GOAL OF THE EXERCISE =>
A single number is required: the count of lines in the following entries that include the word "plain".

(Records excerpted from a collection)
▬▬▬
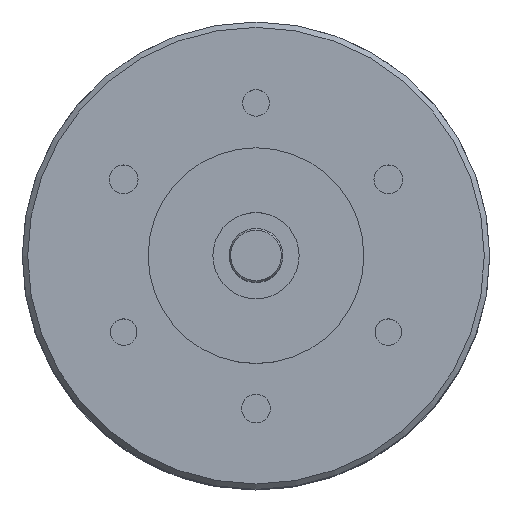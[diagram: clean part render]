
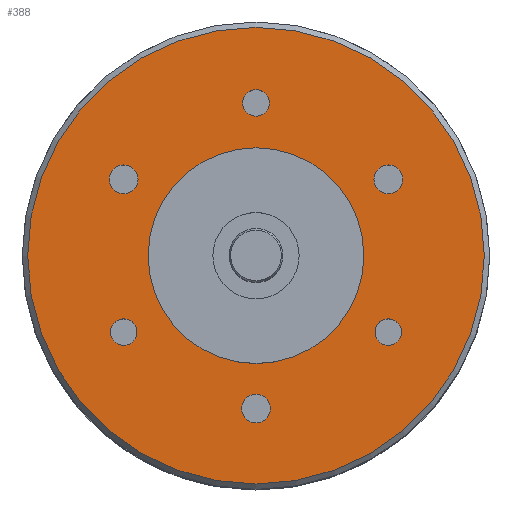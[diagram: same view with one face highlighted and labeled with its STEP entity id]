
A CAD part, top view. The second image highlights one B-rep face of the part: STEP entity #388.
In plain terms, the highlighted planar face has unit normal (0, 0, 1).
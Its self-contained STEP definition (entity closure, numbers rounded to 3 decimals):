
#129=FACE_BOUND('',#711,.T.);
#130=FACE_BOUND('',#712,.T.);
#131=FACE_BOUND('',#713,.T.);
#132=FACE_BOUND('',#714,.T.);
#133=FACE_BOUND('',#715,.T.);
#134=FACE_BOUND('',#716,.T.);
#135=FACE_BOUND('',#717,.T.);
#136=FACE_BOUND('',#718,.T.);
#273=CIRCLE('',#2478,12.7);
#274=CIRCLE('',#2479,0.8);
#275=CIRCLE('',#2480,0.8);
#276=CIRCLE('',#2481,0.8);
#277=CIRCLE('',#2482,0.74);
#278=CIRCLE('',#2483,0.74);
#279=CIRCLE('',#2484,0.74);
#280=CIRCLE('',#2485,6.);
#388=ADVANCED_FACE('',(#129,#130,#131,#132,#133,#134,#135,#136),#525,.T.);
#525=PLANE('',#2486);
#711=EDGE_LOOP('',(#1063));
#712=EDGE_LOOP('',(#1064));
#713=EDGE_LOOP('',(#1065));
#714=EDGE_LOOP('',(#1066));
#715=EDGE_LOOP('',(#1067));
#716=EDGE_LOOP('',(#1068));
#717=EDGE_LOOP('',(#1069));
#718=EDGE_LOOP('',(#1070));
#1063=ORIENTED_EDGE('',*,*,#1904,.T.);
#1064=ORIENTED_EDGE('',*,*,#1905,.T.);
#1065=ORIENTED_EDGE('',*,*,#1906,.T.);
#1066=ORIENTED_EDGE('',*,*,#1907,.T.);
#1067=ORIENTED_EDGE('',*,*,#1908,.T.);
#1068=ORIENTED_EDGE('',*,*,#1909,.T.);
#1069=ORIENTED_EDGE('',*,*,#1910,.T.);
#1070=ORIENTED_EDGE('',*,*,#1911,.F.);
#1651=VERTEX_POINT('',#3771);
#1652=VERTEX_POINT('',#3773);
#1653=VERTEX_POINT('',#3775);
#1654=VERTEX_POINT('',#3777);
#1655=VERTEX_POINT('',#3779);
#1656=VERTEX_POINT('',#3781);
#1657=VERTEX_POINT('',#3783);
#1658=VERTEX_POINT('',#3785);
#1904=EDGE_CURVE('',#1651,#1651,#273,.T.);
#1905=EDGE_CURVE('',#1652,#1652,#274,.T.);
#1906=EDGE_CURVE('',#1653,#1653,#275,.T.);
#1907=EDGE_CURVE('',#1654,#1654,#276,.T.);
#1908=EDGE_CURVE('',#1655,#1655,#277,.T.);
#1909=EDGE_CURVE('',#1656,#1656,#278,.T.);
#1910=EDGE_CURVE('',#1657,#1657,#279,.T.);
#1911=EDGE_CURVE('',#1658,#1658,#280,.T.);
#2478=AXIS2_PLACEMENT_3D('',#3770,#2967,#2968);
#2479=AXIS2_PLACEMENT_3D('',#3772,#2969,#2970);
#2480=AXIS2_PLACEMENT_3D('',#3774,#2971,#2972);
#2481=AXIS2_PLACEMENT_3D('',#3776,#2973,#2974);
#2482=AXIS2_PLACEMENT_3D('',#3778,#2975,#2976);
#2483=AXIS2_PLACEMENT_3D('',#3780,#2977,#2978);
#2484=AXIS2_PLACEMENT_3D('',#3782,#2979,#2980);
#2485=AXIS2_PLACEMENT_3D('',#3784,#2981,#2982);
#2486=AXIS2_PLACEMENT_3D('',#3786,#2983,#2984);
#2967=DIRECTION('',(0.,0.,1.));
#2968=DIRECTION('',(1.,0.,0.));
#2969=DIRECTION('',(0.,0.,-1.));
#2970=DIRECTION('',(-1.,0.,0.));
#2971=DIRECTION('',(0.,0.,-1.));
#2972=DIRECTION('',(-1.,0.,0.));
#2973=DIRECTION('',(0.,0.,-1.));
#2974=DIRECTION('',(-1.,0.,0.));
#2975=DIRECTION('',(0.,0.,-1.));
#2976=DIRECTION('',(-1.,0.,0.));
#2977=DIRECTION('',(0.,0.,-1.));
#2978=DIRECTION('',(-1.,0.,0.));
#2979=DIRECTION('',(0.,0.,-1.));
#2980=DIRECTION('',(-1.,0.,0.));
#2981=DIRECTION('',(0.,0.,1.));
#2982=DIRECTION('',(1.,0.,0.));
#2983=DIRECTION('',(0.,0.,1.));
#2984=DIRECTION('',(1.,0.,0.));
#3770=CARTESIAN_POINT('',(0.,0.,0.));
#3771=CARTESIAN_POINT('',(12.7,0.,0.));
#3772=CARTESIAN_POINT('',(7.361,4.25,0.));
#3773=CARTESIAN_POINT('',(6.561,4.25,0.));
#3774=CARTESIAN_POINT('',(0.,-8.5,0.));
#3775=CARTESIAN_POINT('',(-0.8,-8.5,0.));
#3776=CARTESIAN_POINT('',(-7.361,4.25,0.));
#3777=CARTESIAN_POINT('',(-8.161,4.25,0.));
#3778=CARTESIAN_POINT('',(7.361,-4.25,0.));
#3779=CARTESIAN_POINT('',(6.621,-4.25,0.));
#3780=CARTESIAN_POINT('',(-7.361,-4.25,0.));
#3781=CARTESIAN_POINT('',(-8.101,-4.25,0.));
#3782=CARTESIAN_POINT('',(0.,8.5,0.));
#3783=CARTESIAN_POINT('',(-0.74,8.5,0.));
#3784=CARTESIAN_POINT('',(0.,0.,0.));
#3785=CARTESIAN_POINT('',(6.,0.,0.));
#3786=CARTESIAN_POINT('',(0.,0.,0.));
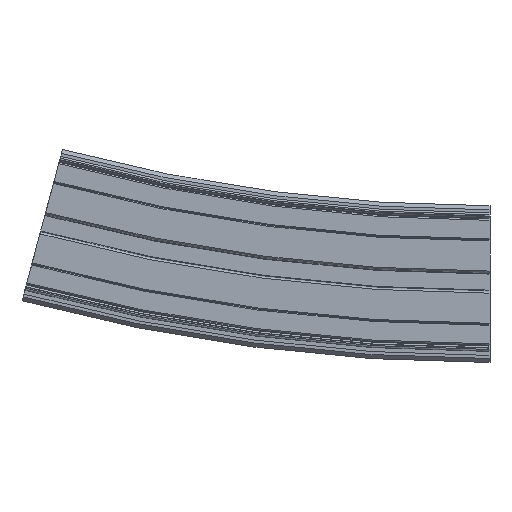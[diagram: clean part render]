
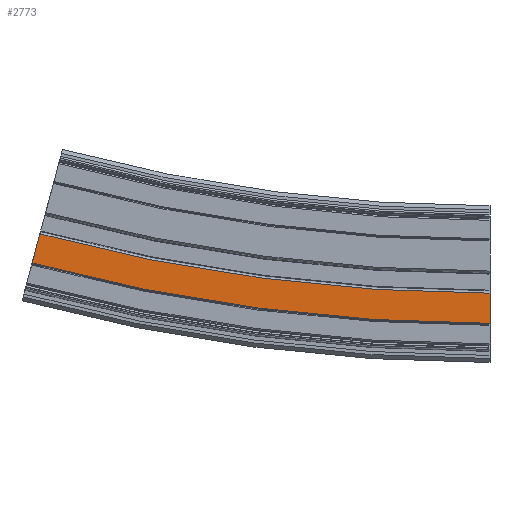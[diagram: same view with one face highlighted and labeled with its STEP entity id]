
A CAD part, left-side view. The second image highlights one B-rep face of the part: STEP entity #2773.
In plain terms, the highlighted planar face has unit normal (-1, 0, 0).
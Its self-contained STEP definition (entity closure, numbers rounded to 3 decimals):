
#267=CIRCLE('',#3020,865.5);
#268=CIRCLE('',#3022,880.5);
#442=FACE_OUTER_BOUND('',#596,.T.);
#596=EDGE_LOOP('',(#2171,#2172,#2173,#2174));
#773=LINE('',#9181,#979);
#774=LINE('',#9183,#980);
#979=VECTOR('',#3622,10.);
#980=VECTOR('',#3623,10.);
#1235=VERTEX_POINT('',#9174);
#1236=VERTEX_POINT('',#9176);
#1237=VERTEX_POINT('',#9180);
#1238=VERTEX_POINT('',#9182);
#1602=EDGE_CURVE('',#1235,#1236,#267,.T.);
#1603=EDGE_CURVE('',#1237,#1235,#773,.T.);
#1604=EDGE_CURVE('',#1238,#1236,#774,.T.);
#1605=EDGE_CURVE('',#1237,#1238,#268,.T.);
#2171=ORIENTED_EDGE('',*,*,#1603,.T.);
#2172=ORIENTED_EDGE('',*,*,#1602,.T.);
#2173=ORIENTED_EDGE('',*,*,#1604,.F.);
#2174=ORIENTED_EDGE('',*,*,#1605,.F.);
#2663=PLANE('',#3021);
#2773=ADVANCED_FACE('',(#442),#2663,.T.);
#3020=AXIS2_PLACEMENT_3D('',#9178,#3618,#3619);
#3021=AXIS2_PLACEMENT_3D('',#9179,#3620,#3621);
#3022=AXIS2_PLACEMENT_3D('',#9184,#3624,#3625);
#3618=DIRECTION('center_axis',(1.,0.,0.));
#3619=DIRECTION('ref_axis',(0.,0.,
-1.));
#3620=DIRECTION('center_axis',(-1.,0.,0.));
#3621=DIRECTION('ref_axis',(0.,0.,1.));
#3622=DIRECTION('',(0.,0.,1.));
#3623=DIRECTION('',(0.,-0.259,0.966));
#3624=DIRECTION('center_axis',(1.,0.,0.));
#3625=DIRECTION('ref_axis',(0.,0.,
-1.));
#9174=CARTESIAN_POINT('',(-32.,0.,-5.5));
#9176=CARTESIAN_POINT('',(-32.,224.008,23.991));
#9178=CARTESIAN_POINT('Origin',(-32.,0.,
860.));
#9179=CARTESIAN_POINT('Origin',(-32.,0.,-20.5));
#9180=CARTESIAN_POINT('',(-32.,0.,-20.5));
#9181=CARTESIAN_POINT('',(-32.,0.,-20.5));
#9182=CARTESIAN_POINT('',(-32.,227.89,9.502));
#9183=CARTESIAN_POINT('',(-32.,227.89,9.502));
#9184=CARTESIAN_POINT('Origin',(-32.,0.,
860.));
▬▬▬
EXPECTED ANSWER =>
2